In a new Section 199 Domestic Production Activities Deduction case, the Tax Court has ruled that a third party contract printer is entitled to the Section 199 deduction and not the publisher. ADVO, Inc. v. Commissioner, 141 T.C. 9 (2013).
ADVO is a direct mail producer (i.e., mail inserts, flyers, mailing campaigns through the Post Office) and it argued that although it contracts out the printing process to third parties, it still retains control over the printing stages and also produces all the electronic (intangible) files necessary to produce the final product. ADVO thus argued that just because the final stage in the process (the printing) is performed by a third party, ADVO still gets the 199 production deduction because it retained the benefits and burdens of ownership throughout the production process.
This has been a contentious issue in the industry for several years, with printers arguing that they ultimately produce the tangible property eligible for the Section 199 Domestic Production Activities Deduction, while the printers (including ADVO) argue that it owns all the intellectual property and ultimate ownership of the both the IP and tangible property, produces all the content to print and exercises control over the printing process to some extent, and thus the publisher is ultimately the party entitled to the Section 199 deduction.
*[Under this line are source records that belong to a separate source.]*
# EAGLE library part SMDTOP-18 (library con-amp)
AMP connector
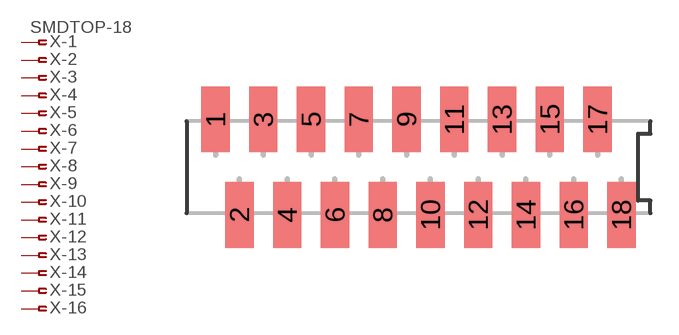
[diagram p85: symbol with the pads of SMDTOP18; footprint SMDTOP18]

Designator prefix X; gates -1=PIN-FV -2=PIN-F -3=PIN-F -4=PIN-F -5=PIN-F -6=PIN-F -7=PIN-F -8=PIN-F -9=PIN-F -10=PIN-F -11=PIN-F -12=PIN-F -13=PIN-F -14=PIN-F -15=PIN-F -16=PIN-F -17=PIN-F -18=PIN-F

## SMDTOP-18 (OC_FARNELL: unknown; OC_NEWARK: unknown)  [SMDTOP18]
1  -1:1  pas
2  -2:1  pas
3  -3:1  pas
4  -4:1  pas
5  -5:1  pas
6  -6:1  pas
7  -7:1  pas
8  -8:1  pas
9  -9:1  pas
10  -10:1  pas
11  -11:1  pas
12  -12:1  pas
13  -13:1  pas
14  -14:1  pas
15  -15:1  pas
16  -16:1  pas
17  -17:1  pas
18  -18:1  pas

## Footprint SMDTOP18 (pad centres in mm)
AMP connector
smd 1.5 x 3.5: 1 -10.795,2.54; 2 -9.525,-2.54; 3 -8.255,2.54; 4 -6.985,-2.54; 5 -5.715,2.54; 6 -4.445,-2.54; 7 -3.175,2.54; 8 -1.905,-2.54; 9 -0.635,2.54; 10 0.635,-2.54; 11 1.905,2.54; 12 3.175,-2.54; 13 4.445,2.54; 14 5.715,-2.54; 15 6.985,2.54; 16 8.255,-2.54; 17 9.525,2.54; 18 10.795,-2.54
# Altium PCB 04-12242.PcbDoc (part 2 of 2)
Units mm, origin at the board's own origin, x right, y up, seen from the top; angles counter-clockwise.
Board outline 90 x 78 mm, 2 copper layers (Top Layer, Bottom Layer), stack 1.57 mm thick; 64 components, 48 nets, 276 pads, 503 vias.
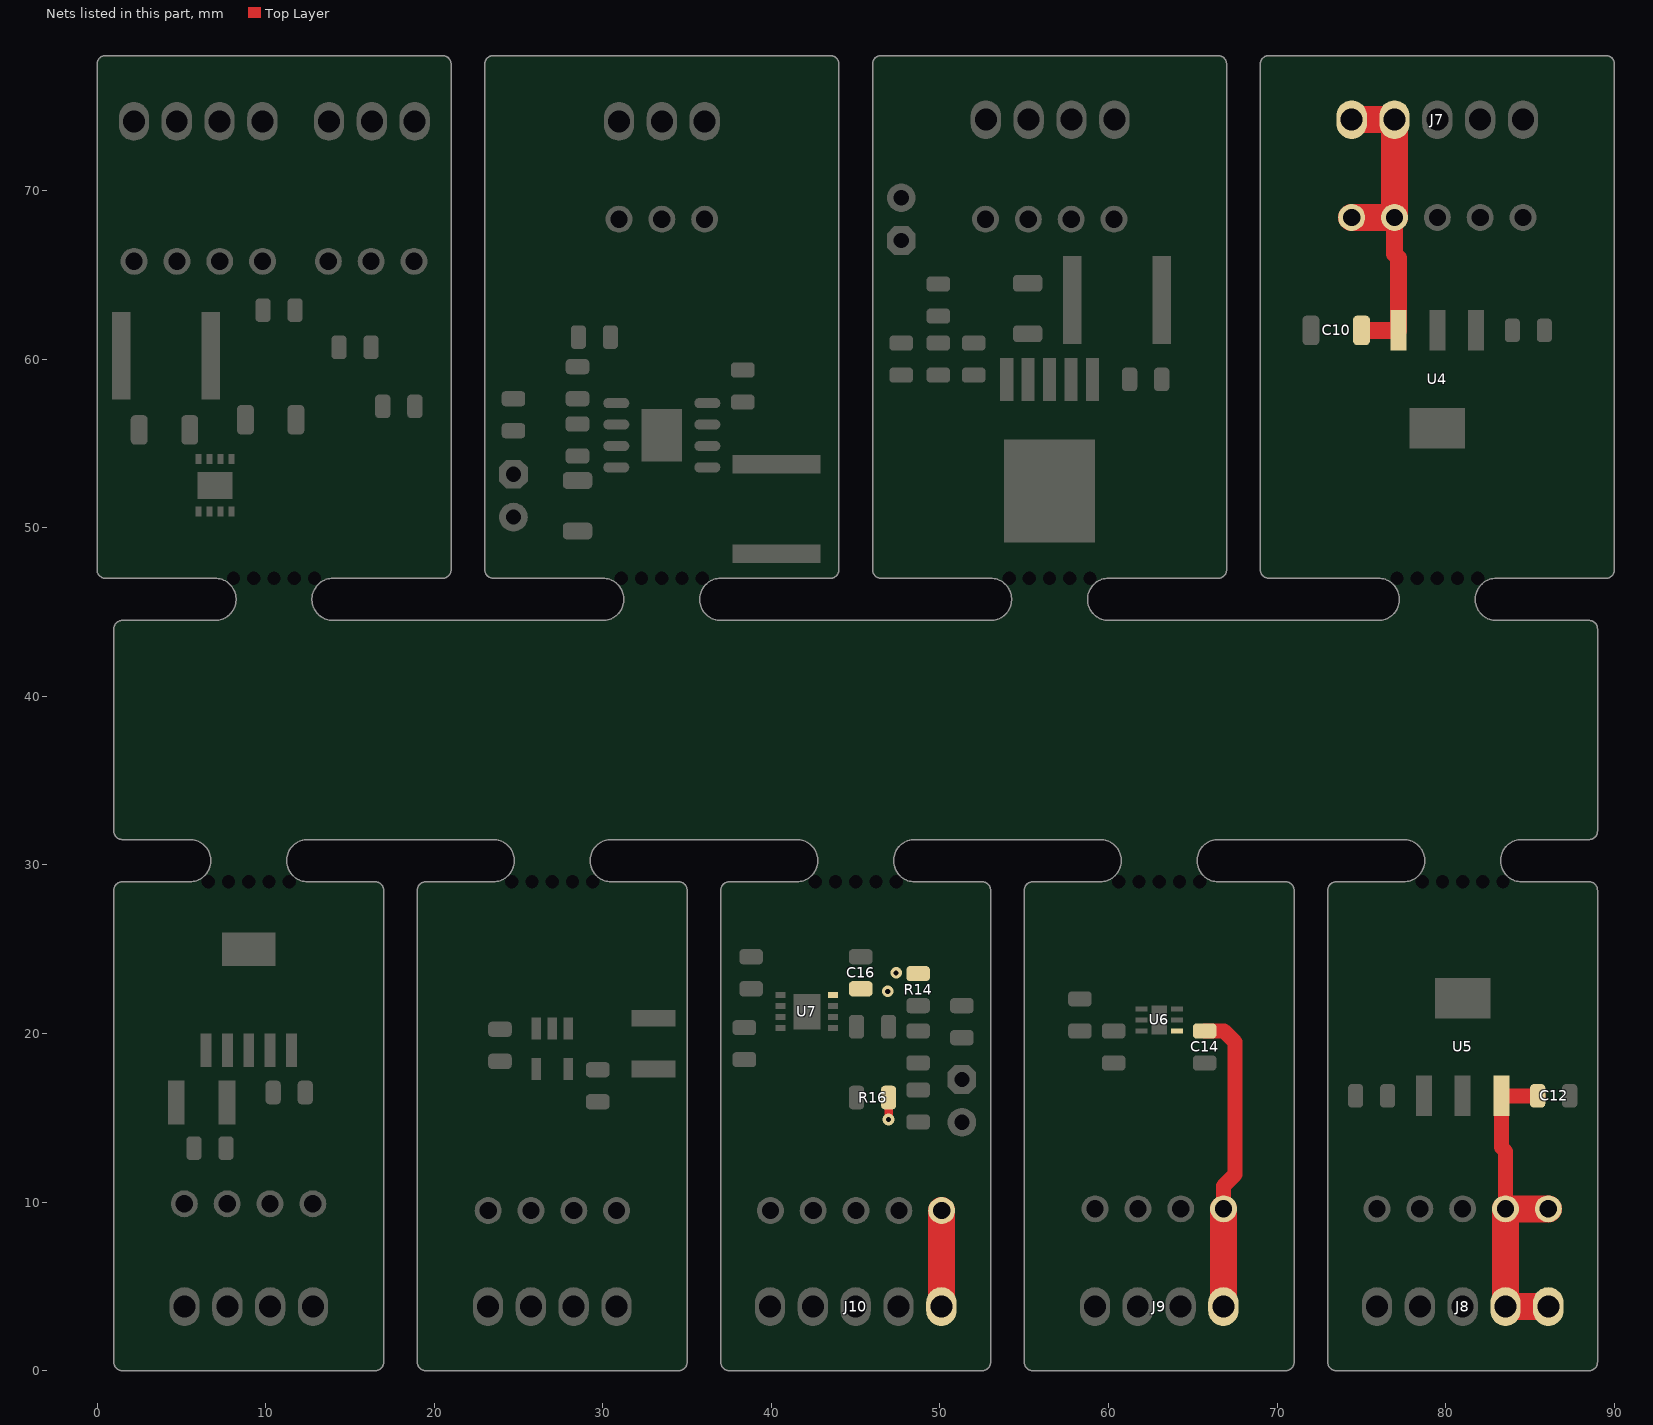
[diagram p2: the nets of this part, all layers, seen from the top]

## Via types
v1: diameter 0.7, hole 0.3, Top Layer to Bottom Layer, 503 vias

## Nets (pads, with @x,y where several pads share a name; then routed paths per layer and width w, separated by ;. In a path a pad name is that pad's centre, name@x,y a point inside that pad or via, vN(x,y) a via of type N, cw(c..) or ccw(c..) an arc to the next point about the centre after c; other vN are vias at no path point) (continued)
VOUT_6: C16.2 J10.5 pad.7@50.1,9.5 R14.2 R16.2 U7.8 | length 7
  Top Layer w0.5: v1(46.95,14.904) R16.2@46.95,16.2
  Top Layer w1.6: J10.5@50.08,3.8 50.1,3.82 pad.7@50.1,9.5
  other v1: 46.9,22.5 47.4,23.6
VOUT_7: C14.2 J9.4 pad.7@66.82,9.6 U6.4 | length 18.1
  Top Layer w0.9: C14.2@65.7,20.15 66.85,20.15 67.5,19.5 67.5,11.64 66.82,10.96 pad.7@66.82,9.6
  Top Layer w1.6: J9.4@66.81,3.8 66.81,9.59 pad.7@66.82,9.6
VOUT_8: C12.2 J8.4 J8.5 pad.7@83.54,9.6 pad.9@86.08,9.6 U5.3 | length 19.8
  Top Layer w0.9: pad.7@83.54,9.6 83.55,9.61 83.55,13 83.3,13.25 U5.3@83.3,16.3 C12.2@85.45,16.3
  Top Layer w1.6: J8.5@86.08,3.8 J8.4@83.54,3.8 pad.7@83.54,9.6 pad.9@86.08,9.6
VOUT_9: C10.2 J7.4 J7.5 pad.7@74.42,68.4 pad.7@76.96,68.4 U4.3 | length 19.9
  Top Layer w1: C10.2@75,61.7 U4.3@77.2,61.7 77.2,66 76.96,66.24 pad.7@76.96,68.4
  Top Layer w1.6: pad.7@74.42,68.4 pad.7@76.96,68.4 J7.4@76.96,74.2 J7.5@74.42,74.2
pads on no net: U1.6 U2.2 U2.3 U2.7 U6.5 U6.6 U8.4 U9.5

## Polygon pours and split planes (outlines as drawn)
VOUT1_1 on Top Layer "full" (solid, remove dead copper, pour order 49): 6.2,53.7 5.9,53.7 4.4,55.2 4.4,62 1.4,65 1.4,65.9 3,65.9 3,65.2 5.7,62.5 5.7,57.3 6.2,56.8
GND_9 on Top Layer "full" (solid, remove dead copper, pour order 102): 69.5,47.5 89.5,47.5 89.5,60 80.5,60 80.1,60.4 80.1,63.1 78.9,63.1 78.9,60.399 78.501,60 69.5,60
GND_8 on Top Layer "full" (solid, remove dead copper, pour order 103): 88.5,28.5 73.5,28.5 73.5,18 80,18 80.4,17.6 80.4,15 81.6,15 81.6,17.601 81.999,18 88.5,18
VOUT_5 on Top Layer "full" (solid, remove dead copper, pour order 41): 27.4,14 30.1,11.3 30.1,8.8 31.5,8.8 31.5,14.3 30.6,15.2 30.6,16.6 29.4,16.6 28.4,17.6 28.4,18.6 27.4,18.6 27.4,15.3
VOUT_3 on Top Layer "full" (solid, remove dead copper, pour order 98): 54.8,57.5 55.7,57.5 55.7,60.4 56.3,60.4 56.3,62.3 54.2,62.3 53.6,62.9 53.6,75.5 51.3,75.5 51.3,60.4 54.8,60.4
GND_3 on Top Layer "full" (solid, remove dead copper, pour order 96): 62.4,60.7 62.4,66.3 65.5,66.3 65.5,60.7
GND_1 on Top Layer "full" (solid, remove dead copper, pour order 94): 0.5,47.5 5.5,47.5 5.5,51.313 5.887,51.7 8.1,51.7 9.9,49.9 12.4,49.9 12.4,57.5 10.8,57.5 10.8,56 8.1,53.3 5.9,53.3 4,55.2 4,61.5 2.5,63 0.5,63 0.5,61.5
GND_2 on Top Layer "full" (solid, remove dead copper, pour order 60): 23.5,47.5 43.5,47.5 43.5,52.5 35.1,52.5 34.8,52.8 34.8,57.3 36,58.5 39.1,58.5 39.1,59.9 36.9,62.1 29.9,62.1 29.9,57 32.2,57 32.2,53 31,51.8 23.5,51.8
VOUT_2 on Top Layer "full" (solid, remove dead copper, pour order 57): 31.7,54.1 31.7,53.3 30.6,52.2 26.4,52.2 26.4,54.8 29.1,54.8 29.8,54.1
VIN_2 on Top Layer "full" (solid, remove dead copper, pour order 54): 35.3,54.2 35.3,52.9 43.5,52.9 43.5,62.1 36.9,68.7 35.1,68.7 35.1,65.5 39.5,61.1 39.5,56.6 37.1,54.2
ADJ_2 on Top Layer "full" (solid, remove dead copper, pour order 58): 31.7,56.6 31.7,55.6 27.7,55.6 27.7,58.2 29.3,58.2 29.3,57.2 29.9,56.6
GND_6 on Top Layer "full" (solid, remove dead copper, pour order 83): 40.1,16 44.2,16 44.2,18.4 42.9,19.7 42.9,22.5 44.3,23.9 46.2,23.9 47.3,25 52.5,25 52.5,28.5 37.5,28.5 37.5,23.9 39.9,23.9 41.3,22.5 41.3,20.6 40.1,20.6 40.1,18.4
VOUT_6 on Top Layer "full" (solid, remove dead copper, pour order 74): 43.3,22 43.3,22.5 44,23.2 44.1,23.3 46.3,23.3 47.2,24.2 49.6,24.2 49.6,22.9 48.2,22.9 47.3,22
NetC17_2 on Top Layer "full" (solid, remove dead copper, pour order 76): 43.3,21.2 45.6,21.2 45.6,19.6 44.7,19.6 44.5,19.8 44.5,20.5 44.3,20.7 43.3,20.7
VIN_6 on Top Layer "full" (solid, remove dead copper, pour order 73): 37.5,19.8 39.3,19.8 39.3,21.4 40.9,21.4 40.9,22.5 39.7,22.5 39.7,23.5 37.5,23.5
GND_7 on Top Layer "full" (solid, remove dead copper, pour order 69): 59.5,15 66.5,15 66.5,18.9 64.4,18.9 63.4,19.9 63.4,21.7 64.5,22.8 70.5,22.8 70.5,28.5 55.5,28.5 55.5,22.8 61.5,22.8 62.6,21.7 62.6,19.9 61.6,18.9 59.5,18.9
VOUT_7 on Top Layer "full" (solid, remove dead copper, pour order 67): 63.7,19.9 63.7,20.4 64.6,20.4 64.9,20.7 66.5,20.7 66.5,19.6 64.9,19.6 64.6,19.9
VIN_7 on Top Layer "full" (solid, remove dead copper, pour order 64): 62.3,20.4 62.3,19.9 61.4,19.9 61.1,19.6 57.5,19.6 57.5,20.7 61.1,20.7 61.4,20.4
VOUT2_1 on Top Layer "full" (solid, remove dead copper, pour order 53): 7.8,53.7 8.1,53.7 9.6,55.2 9.6,57.5 8.1,57.5 7.3,56.7 7.3,55 7.8,54.5
VIN_1 on Top Layer "full" (solid, remove dead copper, pour order 42): 6.9,53.7 6.5,53.7 6.5,56.913 6.1,57.313 6.1,62.9 7.4,62.9 7.4,57.413 6.9,56.913
GND_5 on Top Layer "full" (solid, remove dead copper, pour order 37): 30.6,21.5 31.7,20.4 34.5,20.4 34.5,28.5 19.5,28.5 19.5,21.5 26.5,21.5 26.7,21.3 26.7,19.6 27.3,19.6 27.3,21.3 27.5,21.5
VIN_5 on Top Layer "full" (solid, remove dead copper, pour order 30): 31.5,16 34.5,16 34.5,19.6 31.9,19.6 30.5,21 27.6,21 27.6,19.6 30.2,19.6 31.5,18.3
GND_4 on Top Layer "full" (solid, remove dead copper, pour order 27): 11.9,15.5 16.5,15.5 16.5,28.5 1.5,28.5 1.5,14.4 5.3,14.4 5.3,20.6 5.7,21 7.9,21 8.6,20.3 8.6,18 9.4,18 9.4,20.3 10.1,21 12,21 12.5,20.5 12.5,18 11.9,17.4
VOUT_4 on Top Layer "full" (solid, remove dead copper, pour order 23): 10.7,20 9.8,20 9.8,13.7 12,11.5 12,9.8 13.6,9.8 13.6,11.9 11,14.5 11,17.3 10.7,17.6
VIN_4 on Top Layer "full" (solid, remove dead copper, pour order 14): 8.1,20 7.3,20 7.3,17.6 6.9,17.2 6.9,9.8 8.5,9.8 8.5,17.2 8.1,17.6
GND_3 on Top Layer "full" (solid, remove dead copper, pour order 4): 46.5,56.8 66.5,56.8 66.5,47.5 46.5,47.5
VIN_3 on Top Layer "full" (solid, remove dead copper, pour order 13): 58.3,57.5 57.3,57.5 57.3,60.5 57,60.8 57,68.3 58.6,68.3 58.6,60.8 58.3,60.5
GND_1 on Bottom Layer "full" (solid, remove dead copper, pour order 12): 0.5,47.5 20.5,47.5 20.5,77.5 0.5,77.5
GND_8 on Bottom Layer "full" (solid, remove dead copper, pour order 79): 73.5,28.5 88.5,28.5 88.5,0.5 73.5,0.5
GND_9 on Bottom Layer "full" (solid, remove dead copper, pour order 35): 69.5,47.5 89.5,47.5 89.5,77.5 69.5,77.5
GND_5 on Bottom Layer "full" (solid, remove dead copper, pour order 51): 19.5,28.5 34.5,28.5 34.5,0.5 19.5,0.5
GND_2 on Bottom Layer "full" (solid, remove dead copper, pour order 81): 23.5,47.5 43.5,47.5 43.5,77.5 23.5,77.5
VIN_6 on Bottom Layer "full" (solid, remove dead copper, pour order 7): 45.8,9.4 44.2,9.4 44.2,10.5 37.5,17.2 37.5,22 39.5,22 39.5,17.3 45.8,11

The Tax Court, however, found for the Respondent (IRS) and concluded that the printer is the only party who actually produces tangible personal property and the printer maintains the benefits and burdens of ownership during the printing process which in the Tax Court opinion was the only process that counts as part of the manufacturing process for Section 199 purposes. The printer also had the risk of loss according to the Tax Court during the printing process, including maintaining insurance in the event of loss during the printing stages.
The Court also sought to only have one party claim the 199 deduction (either the printer or the publisher ADVO) and contrasted Code Section 263A which allows for two parties to both be the ‘owner’ of the same property. See Suzy’s Zoo v. Comm’r, 114 T.C. 1 (2000), aff’d 273 F.3d 875 (9th Cir. 2001)(printer and publisher can both be ‘producers’ for purposes of Section 263A).
In weighing a number of factors relating to benefits and burdens of ownership, the Tax Court found that the printer produced the tangible product, had more control over the printing process than the publisher, had the risk of loss during the printing process, and had economic upside or downside under the fixed price contracts and therefore ruled that the printer is the single party entitled to claim the Section 199 Domestic Production Activities Deduction under these facts.